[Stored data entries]
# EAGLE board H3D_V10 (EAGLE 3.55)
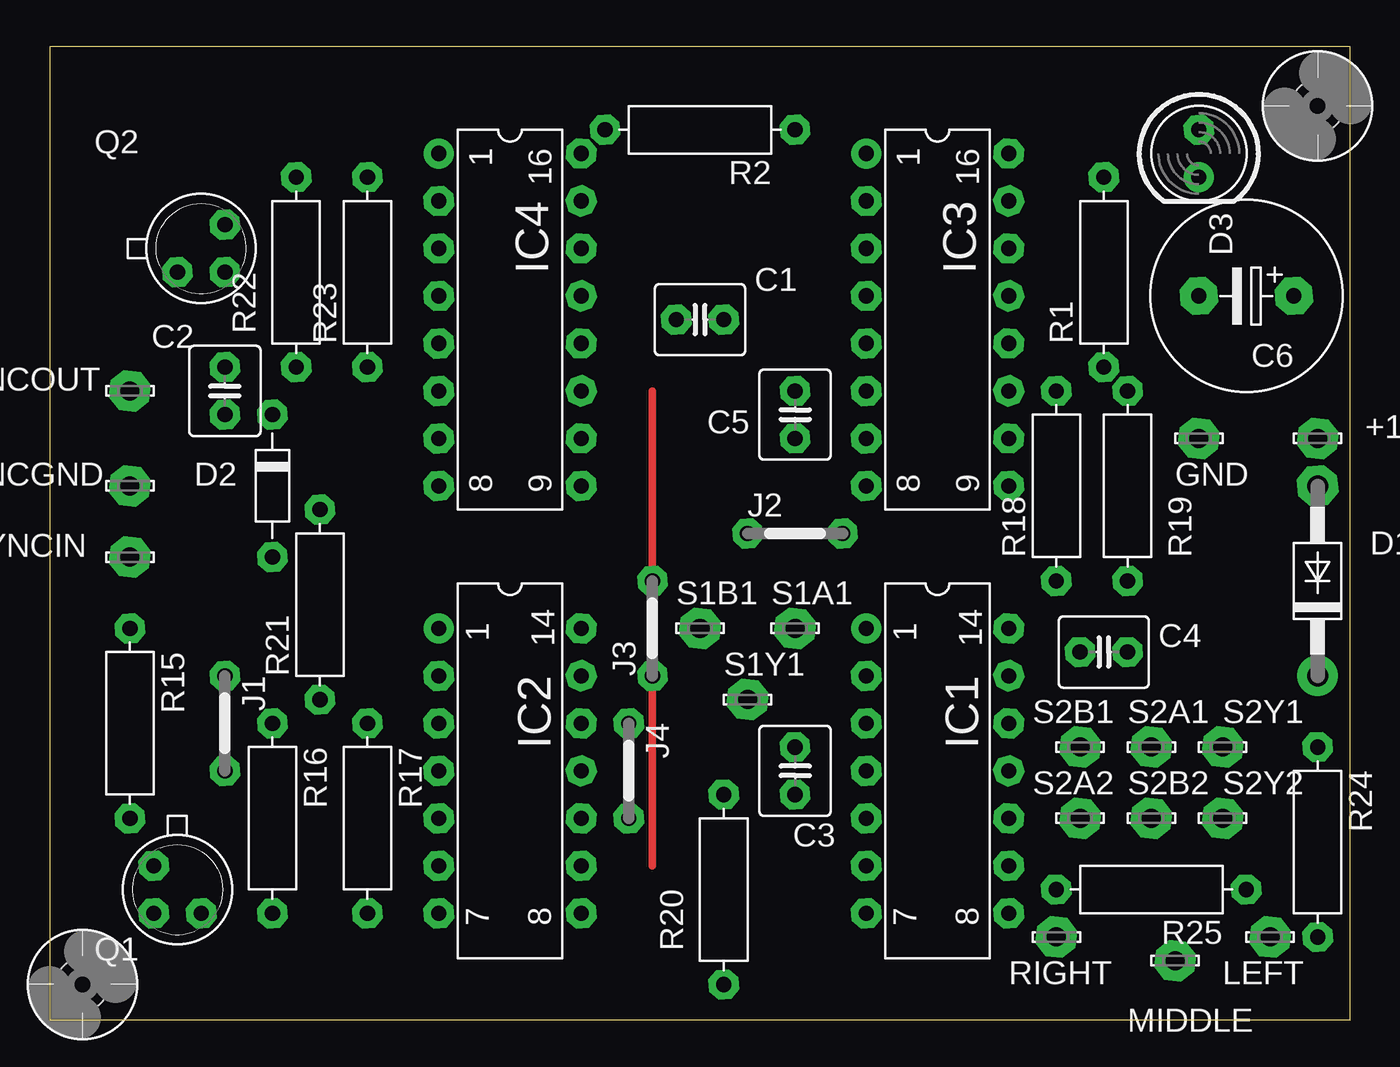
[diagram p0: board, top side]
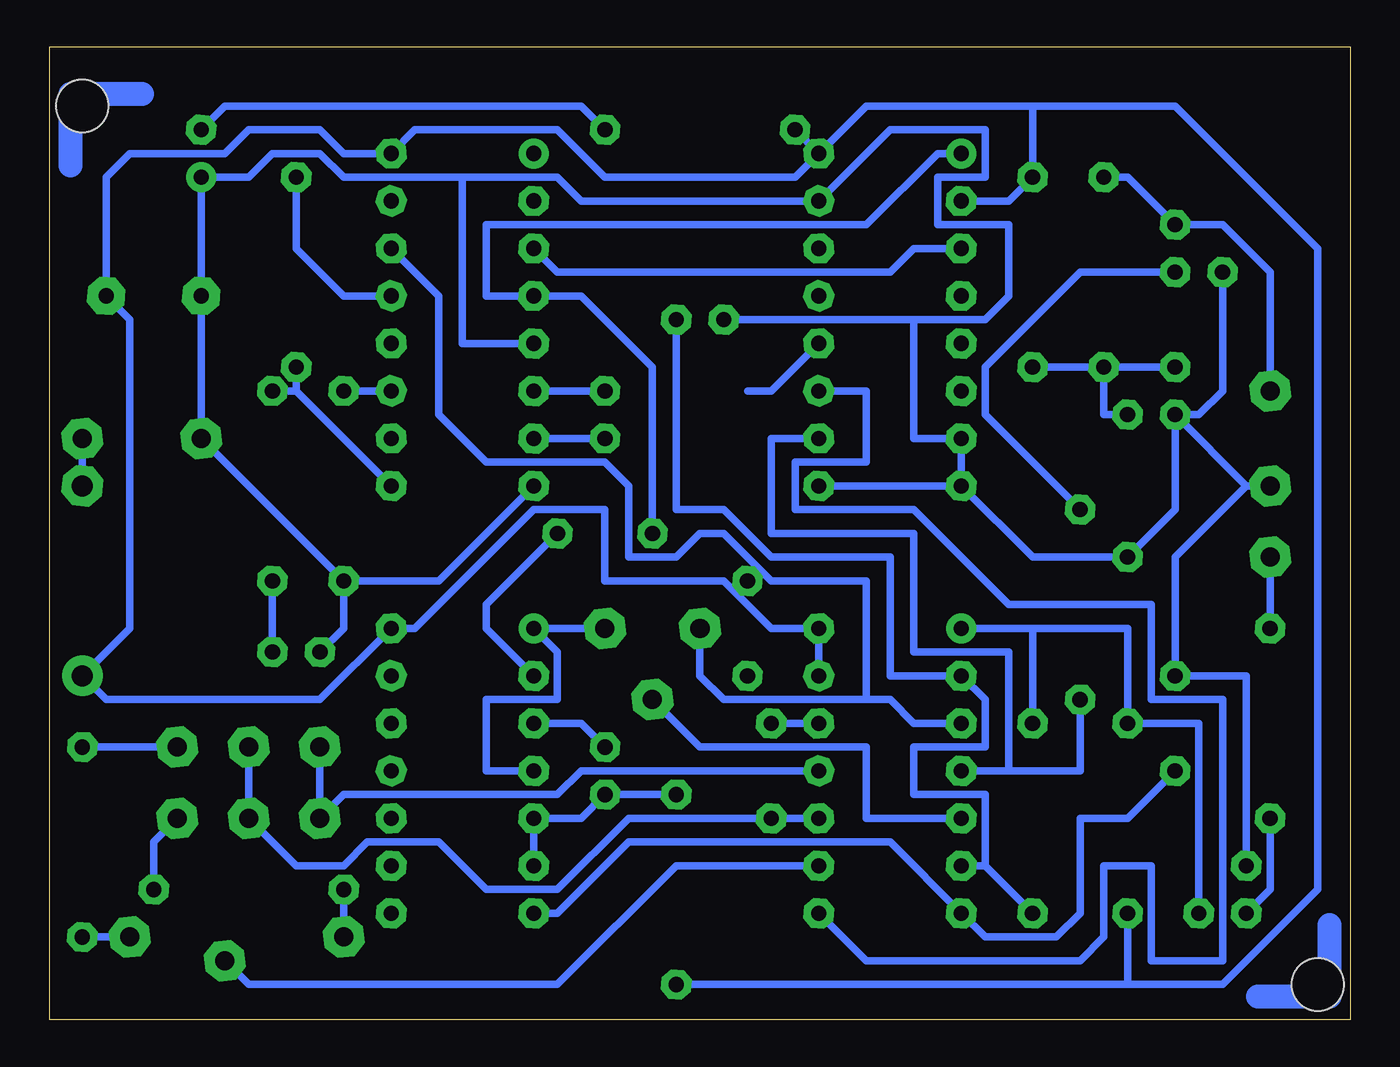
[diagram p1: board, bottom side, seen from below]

Size 69.52 x 52.06 mm. Coordinates in mm from the lower left corner, seen from the top.
Outline: 0,0 69.52,0 69.52,52.06 0,52.06 0,0
Copper layers used: Top, Bottom

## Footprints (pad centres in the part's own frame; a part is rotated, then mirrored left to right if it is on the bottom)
P10 = drill 1.016 pad 2.159 octagon:  0,0
,5-4 = drill 0.813 pad 1.6 octagon:  -1.27,0;  1.27,0
-5 = drill 0.813 pad 2.007 octagon:  -2.54,0;  2.54,0
41-10 = drill 1.118 pad 2.159 octagon:  5.08,0 | drill 1.118 pad 2.159 round:  -5.08,0
7,5 = drill 0.813 pad 1.6 octagon:  -3.81,0;  3.81,0
D5 = drill 0.813 pad 1.6 octagon:  -1.27,0 | drill 0.813 pad 1.6 round:  1.27,0
L14 = drill 0.813 pad 1.6 round:  -7.62,-3.81 | drill 0.813 pad 1.6 octagon:  -5.08,-3.81;  7.62,-3.81;  7.62,3.81;  -2.54,-3.81;  0,-3.81;  5.08,-3.81;  2.54,-3.81;  5.08,3.81;  2.54,3.81;  0,3.81;  -2.54,3.81;  -5.08,3.81;  -7.62,3.81
L16 = drill 0.813 pad 1.6 round:  -8.89,-3.81 | drill 0.813 pad 1.6 octagon:  -6.35,-3.81;  6.35,-3.81;  8.89,-3.81;  -3.81,-3.81;  -1.27,-3.81;  3.81,-3.81;  1.27,-3.81;  8.89,3.81;  6.35,3.81;  3.81,3.81;  1.27,3.81;  -1.27,3.81;  -3.81,3.81;  -6.35,3.81;  -8.89,3.81
L16' = drill 0.813 pad 1.6 round:  -8.89,-3.81 | drill 0.813 pad 1.6 octagon:  -6.35,-3.81;  -3.81,-3.81;  -1.27,-3.81;  1.27,-3.81;  3.81,-3.81;  6.35,-3.81;  8.89,-3.81;  8.89,3.81;  6.35,3.81;  3.81,3.81;  1.27,3.81;  -1.27,3.81;  -3.81,3.81;  -6.35,3.81;  -8.89,3.81
 = drill 0.813 pad 1.6 octagon:  -2.54,0;  2.54,0
18 = drill 0.813 pad 1.6 octagon:  -1.27,-1.27;  1.27,-1.27;  1.27,1.27
10 = drill 0.813 pad 1.6 octagon:  -5.08,0;  5.08,0
2,8 = hole 2.794: 0,0

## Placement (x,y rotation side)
+12V  LSP10  [P10]  67.78,31.11 0 top
C1  100n  [,5-4]  34.76,37.46 0 top
C2  10u  [,5-4]  9.36,33.65 90 top
C3  8.5n  [,5-4]  39.84,13.33 270 top
C4  1u  [,5-4]  56.35,19.68 0 top
C5  30n  [,5-4]  39.84,32.38 90 top
C6  10u  [-5]  63.97,38.73 180 top
D1  1N4004  [41-10]  67.78,23.49 90 top
D2  4.7V  [7,5]  11.9,28.57 90 top
D3  LED gruen  [D5]  61.43,46.35 270 top
GND  LSP10  [P10]  61.43,31.11 0 top
IC1  4001  [L14]  47.46,13.33 270 top
IC2  4030  [L14]  24.6,13.33 270 top
IC3  4046  [L16]  47.46,37.46 270 top
IC4  4520  [L16']  24.6,37.46 270 top
J1  J05  []  9.36,15.87 270 top
J2  J05  []  39.84,26.03 0 top
J3  J25  []  32.22,20.95 90 top
J4  J05  []  30.95,13.33 270 top
LEFT  LSP10  [P10]  65.24,4.44 0 top
MIDDLE  LSP10  [P10]  60.16,3.17 0 top
Q1  2N2222  [18]  6.82,6.98 270 top
Q2  2N2222  [18]  8.09,41.27 0 top
R1  100k  [10]  56.35,40 90 top
R2  2k  [10]  34.76,47.62 180 top
R15  10k  [10]  4.28,15.87 270 top
R16  10k  [10]  11.9,10.79 270 top
R17  100k  [10]  16.98,10.79 270 top
R18  100k  [10]  53.81,28.57 90 top
R19  10k  [10]  57.62,28.57 90 top
R20  10k  [10]  36.03,6.98 270 top
R21  10k  [10]  14.44,22.22 90 top
R22  10k  [10]  13.17,40 270 top
R23  10k  [10]  16.98,40 90 top
R24  470  [10]  67.78,9.52 270 top
R25  470  [10]  58.89,6.98 180 top
RIGHT  LSP10  [P10]  53.81,4.44 0 top
S1A1  LSP10  [P10]  39.84,20.95 0 top
S1B1  LSP10  [P10]  34.76,20.95 0 top
S1Y1  LSP10  [P10]  37.3,17.14 0 top
S2A1  LSP10  [P10]  58.89,14.6 0 top
S2A2  LSP10  [P10]  55.08,10.79 0 top
S2B1  LSP10  [P10]  55.08,14.6 0 top
S2B2  LSP10  [P10]  58.89,10.79 0 top
S2Y1  LSP10  [P10]  62.7,14.6 0 top
S2Y2  LSP10  [P10]  62.7,10.79 0 top
U$2  [2,8]  1.74,1.9 0 top
U$3  [N-W-1]  69.05,50.16 180 top
U$4  [N-W-1]  0.47,0.63 0 top
U$5  [2,8]  67.78,48.89 0 top
VSYNCGND  LSP10  [P10]  4.28,28.57 0 top
VSYNCIN  LSP10  [P10]  4.28,24.76 0 top
VSYNCOUT  LSP10  [P10]  4.28,33.65 0 top

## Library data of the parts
+12V GND LEFT MIDDLE RIGHT S1A1 S1B1 S1Y1 S2A1 S2A2 S2B1 S2B2 S2Y1 S2Y2 VSYNCGND VSYNCIN VSYNCOUT = SOLPAD
C1-C5 = CAP
C6 D2 R1 R2 R15-R25 = DISCRETE
D1 = DIODE
D3 = LED
IC1-IC3 = 40XX
IC4 = 45XX
J1-J4 = JUMPER
Q1 Q2 = NPN
U$2 U$5 = HOLES
U$3 U$4 = MARKS

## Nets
GND: C1. C2. C4. C6. D2. D3. GND. IC1. IC2. IC3. IC4. J1. Q1. Q2. R18. VSYNCGND.
N$1: IC2. Q1. R16. R17.
N$2: Q1. R15.
N$3: IC3. R18.
N$4: IC3. R1.
N$5: R24. S2Y1.
N$6: +12V. D1.
N$7: C5. IC3.
N$8: D3. R2.
N$9: IC2. IC3. S1B1.
N$10: IC2. J4. S2A1. S2B2.
N$11: C3. IC1.
N$12: C3. IC1. R20.
N$13: R15. VSYNCIN.
N$14: IC1. S1A1.
N$15: IC1. IC3. IC4. J2.
N$16: Q2. R21.
N$17: IC3. R1. R19.
N$18: IC3. IC4.
N$19: C5. IC3.
N$20: IC2. IC4. R21.
N$21: Q2. R22. VSYNCOUT.
N$22: C2. D2. R22. R23.
N$23: C1. IC2. R17.
N$24: R25. S2Y2.
N$25: IC2. IC4.
N$26: IC2. S2A2. S2B1.
N$27: IC2. S1Y1.
N$29: C4. R19.
N$30: IC2. IC4. J3. MIDDLE.
N$33: LEFT. R24.
N$34: R25. RIGHT.
VCC: C6. D1. IC1. IC2. IC3. IC4. R2. R16. R20. R23.

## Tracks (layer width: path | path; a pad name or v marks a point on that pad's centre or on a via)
GND
  Top 0.406: 9.36,18.41 J1.
  Bottom 0.406: 28.41,43.81 25.87,46.35 | 5.55,28.57 VSYNCGND. | 5.55,28.57 9.36,32.38 | 9.36,32.38 8.09,32.38 6.82,33.65 6.82,40 | 9.36,32.38 9.36,27.3 11.9,24.76 16.98,24.76 20.79,28.57 | 20.79,28.57 20.79,31.11 23.33,31.11 23.33,37.46 | 5.55,8.25 5.55,18.41 9.36,18.41 9.36,24.76 5.55,28.57 | 23.33,37.46 19.52,37.46 18.25,38.73 18.25,42.54 22.06,42.54 22.06,45.08 19.52,45.08 19.52,47.62 24.6,47.62 28.41,43.81 | 23.33,37.46 33.49,37.46 | 43.65,36.19 47.46,36.19 47.46,45.08 | 47.46,45.08 42.38,45.08 41.11,43.81 28.41,43.81 | 43.65,28.57 48.73,23.49 53.81,23.49 | 53.81,23.49 53.81,20.95 55.08,19.68 | 47.46,45.08 53.81,45.08 55.08,46.35 57.62,46.35 58.89,45.08 D3. C6. GND. 53.81,23.49 | 20.79,28.57 28.41,28.57 | J1. 11.9,10.79 14.44,10.79 14.44,5.71 15.71,4.44 19.52,4.44 20.79,5.71 24.6,9.52 38.57,9.52 42.38,5.71 43.65,5.71
N$1
  Bottom 0.406: 16.98,20.95 20.79,20.95 | 16.98,20.95 16.98,15.87 | 16.98,20.95 11.9,20.95 11.9,15.87 8.09,15.87 Q1.
N$2
  Bottom 0.406: 5.55,5.71 4.28,6.98 R15.
N$3
  Bottom 0.406: 51.27,33.65 R18.
N$4
  Bottom 0.406: 51.27,38.73 53.81,38.73 56.35,41.27 R1.
N$5
  Bottom 0.406: S2Y1. 67.78,14.6
N$6
  Bottom 0.406: 67.78,28.57 +12V.
N$7
  Bottom 0.406: C5. 43.65,33.65
N$8
  Bottom 0.406: 39.84,47.62 41.11,48.89 60.16,48.89 61.43,47.62
N$9
  Bottom 0.406: 20.79,15.87 23.33,15.87 24.6,17.14 25.87,17.14 | 25.87,17.14 33.49,17.14 34.76,18.41 S1B1. | 51.27,41.27 48.73,38.73 48.73,32.38 46.19,29.84 39.84,29.84 38.57,28.57 38.57,24.76 36.03,24.76 34.76,26.03 33.49,26.03 30.95,23.49 25.87,23.49 25.87,17.14
N$10
  Top 0.406: J4. 30.95,15.87
  Bottom 0.406: J4. 28.41,10.79 J4. | J4. 38.57,10.79 42.38,6.98 46.19,6.98 48.73,9.52 52.54,9.52 53.81,8.25 56.35,8.25 S2B2. S2A1. | 30.95,15.87 28.41,15.87
N$11
  Bottom 0.406: 43.65,15.87 41.11,15.87 39.84,14.6
N$12
  Bottom 0.406: 43.65,8.25 43.65,10.79 41.11,10.79 C3. 36.03,12.06
N$13
  Bottom 0.406: 4.28,20.95 VSYNCIN.
N$14
  Bottom 0.406: S1A1. 43.65,20.95 42.38,19.68 42.38,17.14 46.19,17.14 46.19,13.33 43.65,13.33
N$15
  Top 0.406: J2. 37.3,26.03
  Bottom 0.406: 43.65,18.41 46.19,20.95 46.19,22.22 J2. | 37.3,26.03 37.3,34.92 41.11,38.73 43.65,38.73 46.19,38.73 46.19,42.54 25.87,42.54 22.06,46.35 20.79,46.35
N$16
  Bottom 0.406: 9.36,40 14.44,40 19.52,34.92 19.52,32.38 R21.
N$17
  Bottom 0.406: 56.35,33.65 R19. | 51.27,28.57 56.35,33.65 | 56.35,33.65 56.35,34.92
N$18
  Bottom 0.406: 20.79,41.27 23.33,41.27 24.6,40 42.38,40 43.65,41.27
N$19
  Bottom 0.406: 39.84,31.11 43.65,31.11
N$20
  Bottom 0.406: 14.44,17.14 14.44,13.33 18.25,13.33 | 18.25,13.33 20.79,13.33 | 18.25,13.33 18.25,19.68 23.33,19.68 23.33,20.95 23.33,26.03 30.95,26.03 30.95,31.11 28.41,31.11
N$21
  Bottom 0.406: 13.17,45.08 11.9,45.08 Q2. 6.82,42.54 4.28,40 VSYNCOUT.
N$22
  Bottom 0.406: R22. 16.98,34.92 | C2. R22. | R22. 13.17,32.38 D2.
N$23
  Bottom 0.406: C1. 36.03,27.3 33.49,27.3 30.95,24.76 24.6,24.76 24.6,18.41 20.79,18.41 19.52,17.14 19.52,14.6 23.33,14.6 23.33,12.06 19.52,12.06 19.52,8.25 | 19.52,8.25 20.79,8.25 | R17. 19.52,8.25
N$24
  Bottom 0.406: 63.97,6.98 63.97,9.52 S2Y2.
N$25
  Bottom 0.406: 28.41,5.71 25.87,3.17 14.44,3.17 13.17,4.44 13.17,8.25 10.63,8.25 10.63,3.17 6.82,3.17 6.82,17.14 10.63,17.14 10.63,22.22 18.25,22.22 23.33,27.3 29.68,27.3 29.68,29.84 25.87,29.84 25.87,33.65 28.41,33.65
N$26
  Bottom 0.406: 28.41,13.33 41.11,13.33 42.38,12.06 53.81,12.06 S2A2. S2B1.
N$27
  Bottom 0.406: S1Y1. 34.76,14.6 25.87,14.6 25.87,10.79 20.79,10.79
N$29
  Bottom 0.406: C4. 57.62,23.49
N$30
  Top 0.406: 32.22,8.25 32.22,33.65
  Bottom 0.406: 28.41,8.25 32.22,8.25 36.03,8.25 42.38,1.9 58.89,1.9 MIDDLE. | 28.41,36.19 30.95,33.65 32.22,33.65
N$33
  Bottom 0.406: LEFT. R24.
N$34
  Bottom 0.406: RIGHT. R25.
VCC
  Bottom 0.406: 28.41,18.41 IC2. 30.95,20.95 33.49,23.49 39.84,23.49 39.84,27.3 43.65,27.3 50,20.95 IC1. 55.08,17.14 66.51,17.14 D1. 65.24,20.95 65.24,37.46 66.51,38.73 66.51,45.08 65.24,46.35 60.16,46.35 58.89,47.62 55.08,47.62 53.81,46.35 IC3. 50,47.62 42.38,47.62 39.84,45.08 29.68,45.08 IC4. | IC4. 25.87,48.89 16.98,48.89 | 11.9,1.9 R16. | 11.9,1.9 6.82,1.9 1.74,6.98 1.74,41.27 9.36,48.89 16.98,48.89 | 16.98,48.89 R23. 18.25,43.81 20.79,43.81 | 11.9,1.9 R20. | IC4. R2.

## Task statement:
From the entries above, return exactly the line containing "30.95,13.33 270 top", the line containing "C6 D2 R1 R2 R15-R25 = DISCRETE", and all lines between, and nothing else.

## Written response:
J4  J05  []  30.95,13.33 270 top
LEFT  LSP10  [P10]  65.24,4.44 0 top
MIDDLE  LSP10  [P10]  60.16,3.17 0 top
Q1  2N2222  [18]  6.82,6.98 270 top
Q2  2N2222  [18]  8.09,41.27 0 top
R1  100k  [10]  56.35,40 90 top
R2  2k  [10]  34.76,47.62 180 top
R15  10k  [10]  4.28,15.87 270 top
R16  10k  [10]  11.9,10.79 270 top
R17  100k  [10]  16.98,10.79 270 top
R18  100k  [10]  53.81,28.57 90 top
R19  10k  [10]  57.62,28.57 90 top
R20  10k  [10]  36.03,6.98 270 top
R21  10k  [10]  14.44,22.22 90 top
R22  10k  [10]  13.17,40 270 top
R23  10k  [10]  16.98,40 90 top
R24  470  [10]  67.78,9.52 270 top
R25  470  [10]  58.89,6.98 180 top
RIGHT  LSP10  [P10]  53.81,4.44 0 top
S1A1  LSP10  [P10]  39.84,20.95 0 top
S1B1  LSP10  [P10]  34.76,20.95 0 top
S1Y1  LSP10  [P10]  37.3,17.14 0 top
S2A1  LSP10  [P10]  58.89,14.6 0 top
S2A2  LSP10  [P10]  55.08,10.79 0 top
S2B1  LSP10  [P10]  55.08,14.6 0 top
S2B2  LSP10  [P10]  58.89,10.79 0 top
S2Y1  LSP10  [P10]  62.7,14.6 0 top
S2Y2  LSP10  [P10]  62.7,10.79 0 top
U$2  [2,8]  1.74,1.9 0 top
U$3  [N-W-1]  69.05,50.16 180 top
U$4  [N-W-1]  0.47,0.63 0 top
U$5  [2,8]  67.78,48.89 0 top
VSYNCGND  LSP10  [P10]  4.28,28.57 0 top
VSYNCIN  LSP10  [P10]  4.28,24.76 0 top
VSYNCOUT  LSP10  [P10]  4.28,33.65 0 top

## Library data of the parts
+12V GND LEFT MIDDLE RIGHT S1A1 S1B1 S1Y1 S2A1 S2A2 S2B1 S2B2 S2Y1 S2Y2 VSYNCGND VSYNCIN VSYNCOUT = SOLPAD
C1-C5 = CAP
C6 D2 R1 R2 R15-R25 = DISCRETE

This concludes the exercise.